### [Exercise description]
Repeat all the data word for word.

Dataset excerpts

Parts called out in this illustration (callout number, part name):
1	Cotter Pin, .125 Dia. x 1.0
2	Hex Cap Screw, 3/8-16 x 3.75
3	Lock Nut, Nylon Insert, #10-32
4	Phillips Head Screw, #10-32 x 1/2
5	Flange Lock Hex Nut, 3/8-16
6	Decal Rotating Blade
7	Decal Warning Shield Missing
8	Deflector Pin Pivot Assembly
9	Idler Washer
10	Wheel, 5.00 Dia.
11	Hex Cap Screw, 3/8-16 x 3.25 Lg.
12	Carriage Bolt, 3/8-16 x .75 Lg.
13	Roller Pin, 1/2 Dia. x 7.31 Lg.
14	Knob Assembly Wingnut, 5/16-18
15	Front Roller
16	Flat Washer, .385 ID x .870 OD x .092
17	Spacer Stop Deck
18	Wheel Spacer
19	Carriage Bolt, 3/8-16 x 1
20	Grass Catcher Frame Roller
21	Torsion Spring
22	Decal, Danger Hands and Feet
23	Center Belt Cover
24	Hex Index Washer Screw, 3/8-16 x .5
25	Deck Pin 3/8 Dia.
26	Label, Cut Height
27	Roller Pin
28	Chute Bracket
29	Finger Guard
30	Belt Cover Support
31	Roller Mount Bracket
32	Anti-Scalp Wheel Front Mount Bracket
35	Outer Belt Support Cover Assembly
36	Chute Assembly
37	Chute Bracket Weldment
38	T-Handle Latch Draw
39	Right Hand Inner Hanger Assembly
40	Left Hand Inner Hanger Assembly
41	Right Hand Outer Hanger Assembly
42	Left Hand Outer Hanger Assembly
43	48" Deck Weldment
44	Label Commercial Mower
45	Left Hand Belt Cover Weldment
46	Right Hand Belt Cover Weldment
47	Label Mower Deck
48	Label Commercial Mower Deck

### [Answer]
Parts called out in this illustration (callout number, part name):
1	Cotter Pin, .125 Dia. x 1.0
2	Hex Cap Screw, 3/8-16 x 3.75
3	Lock Nut, Nylon Insert, #10-32
4	Phillips Head Screw, #10-32 x 1/2
5	Flange Lock Hex Nut, 3/8-16
6	Decal Rotating Blade
7	Decal Warning Shield Missing
8	Deflector Pin Pivot Assembly
9	Idler Washer
10	Wheel, 5.00 Dia.
11	Hex Cap Screw, 3/8-16 x 3.25 Lg.
12	Carriage Bolt, 3/8-16 x .75 Lg.
13	Roller Pin, 1/2 Dia. x 7.31 Lg.
14	Knob Assembly Wingnut, 5/16-18
15	Front Roller
16	Flat Washer, .385 ID x .870 OD x .092
17	Spacer Stop Deck
18	Wheel Spacer
19	Carriage Bolt, 3/8-16 x 1
20	Grass Catcher Frame Roller
21	Torsion Spring
22	Decal, Danger Hands and Feet
23	Center Belt Cover
24	Hex Index Washer Screw, 3/8-16 x .5
25	Deck Pin 3/8 Dia.
26	Label, Cut Height
27	Roller Pin
28	Chute Bracket
29	Finger Guard
30	Belt Cover Support
31	Roller Mount Bracket
32	Anti-Scalp Wheel Front Mount Bracket
35	Outer Belt Support Cover Assembly
36	Chute Assembly
37	Chute Bracket Weldment
38	T-Handle Latch Draw
39	Right Hand Inner Hanger Assembly
40	Left Hand Inner Hanger Assembly
41	Right Hand Outer Hanger Assembly
42	Left Hand Outer Hanger Assembly
43	48" Deck Weldment
44	Label Commercial Mower
45	Left Hand Belt Cover Weldment
46	Right Hand Belt Cover Weldment
47	Label Mower Deck
48	Label Commercial Mower Deck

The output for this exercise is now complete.